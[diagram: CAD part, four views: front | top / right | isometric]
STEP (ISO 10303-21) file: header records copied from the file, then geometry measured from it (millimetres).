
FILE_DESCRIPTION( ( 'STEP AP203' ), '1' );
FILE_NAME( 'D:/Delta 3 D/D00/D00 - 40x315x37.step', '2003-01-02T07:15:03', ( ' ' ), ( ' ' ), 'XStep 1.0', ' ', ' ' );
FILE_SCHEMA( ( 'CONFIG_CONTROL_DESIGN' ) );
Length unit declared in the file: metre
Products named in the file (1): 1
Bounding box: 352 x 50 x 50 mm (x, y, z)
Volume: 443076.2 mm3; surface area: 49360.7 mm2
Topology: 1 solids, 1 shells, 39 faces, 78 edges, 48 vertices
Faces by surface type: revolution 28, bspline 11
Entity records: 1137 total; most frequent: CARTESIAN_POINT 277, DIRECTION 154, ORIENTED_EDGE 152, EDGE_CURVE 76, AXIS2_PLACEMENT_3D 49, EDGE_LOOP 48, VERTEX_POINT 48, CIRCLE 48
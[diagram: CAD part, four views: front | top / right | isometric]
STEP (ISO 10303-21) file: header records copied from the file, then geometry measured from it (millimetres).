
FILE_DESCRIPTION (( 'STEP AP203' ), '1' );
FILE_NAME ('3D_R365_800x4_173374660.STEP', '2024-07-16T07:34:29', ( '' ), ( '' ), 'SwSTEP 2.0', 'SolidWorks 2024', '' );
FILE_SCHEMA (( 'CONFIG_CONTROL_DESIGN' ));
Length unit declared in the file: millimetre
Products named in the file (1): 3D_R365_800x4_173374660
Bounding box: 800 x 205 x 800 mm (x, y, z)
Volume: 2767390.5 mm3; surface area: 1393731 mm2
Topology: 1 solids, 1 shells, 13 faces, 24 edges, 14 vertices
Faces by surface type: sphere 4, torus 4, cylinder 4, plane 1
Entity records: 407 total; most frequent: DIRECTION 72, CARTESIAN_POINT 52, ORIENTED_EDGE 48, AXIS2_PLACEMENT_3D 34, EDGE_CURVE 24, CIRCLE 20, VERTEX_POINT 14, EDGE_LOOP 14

****************************************

▶ _EXERCISE AIM_: The answer must consist of every entry, set down exactly as given.

▶ _ANSWER SPACE_:
[diagram: CAD part, four views: front | top / right | isometric]
STEP (ISO 10303-21) file: header records copied from the file, then geometry measured from it (millimetres).
FILE_DESCRIPTION( ( 'STEP AP203' ), '1' );
FILE_NAME( 'D:/Delta 3 D/D00/D00 - 40x315x37.step', '2003-01-02T07:15:03', ( ' ' ), ( ' ' ), 'XStep 1.0', ' ', ' ' );
FILE_SCHEMA( ( 'CONFIG_CONTROL_DESIGN' ) );
Length unit declared in the file: metre
Products named in the file (1): 1
Bounding box: 352 x 50 x 50 mm (x, y, z)
Volume: 443076.2 mm3; surface area: 49360.7 mm2
Topology: 1 solids, 1 shells, 39 faces, 78 edges, 48 vertices
Faces by surface type: revolution 28, bspline 11
Entity records: 1137 total; most frequent: CARTESIAN_POINT 277, DIRECTION 154, ORIENTED_EDGE 152, EDGE_CURVE 76, AXIS2_PLACEMENT_3D 49, EDGE_LOOP 48, VERTEX_POINT 48, CIRCLE 48
[diagram: CAD part, four views: front | top / right | isometric]
STEP (ISO 10303-21) file: header records copied from the file, then geometry measured from it (millimetres).
FILE_DESCRIPTION (( 'STEP AP203' ), '1' );
FILE_NAME ('3D_R365_800x4_173374660.STEP', '2024-07-16T07:34:29', ( '' ), ( '' ), 'SwSTEP 2.0', 'SolidWorks 2024', '' );
FILE_SCHEMA (( 'CONFIG_CONTROL_DESIGN' ));
Length unit declared in the file: millimetre
Products named in the file (1): 3D_R365_800x4_173374660
Bounding box: 800 x 205 x 800 mm (x, y, z)
Volume: 2767390.5 mm3; surface area: 1393731 mm2
Topology: 1 solids, 1 shells, 13 faces, 24 edges, 14 vertices
Faces by surface type: sphere 4, torus 4, cylinder 4, plane 1
Entity records: 407 total; most frequent: DIRECTION 72, CARTESIAN_POINT 52, ORIENTED_EDGE 48, AXIS2_PLACEMENT_3D 34, EDGE_CURVE 24, CIRCLE 20, VERTEX_POINT 14, EDGE_LOOP 14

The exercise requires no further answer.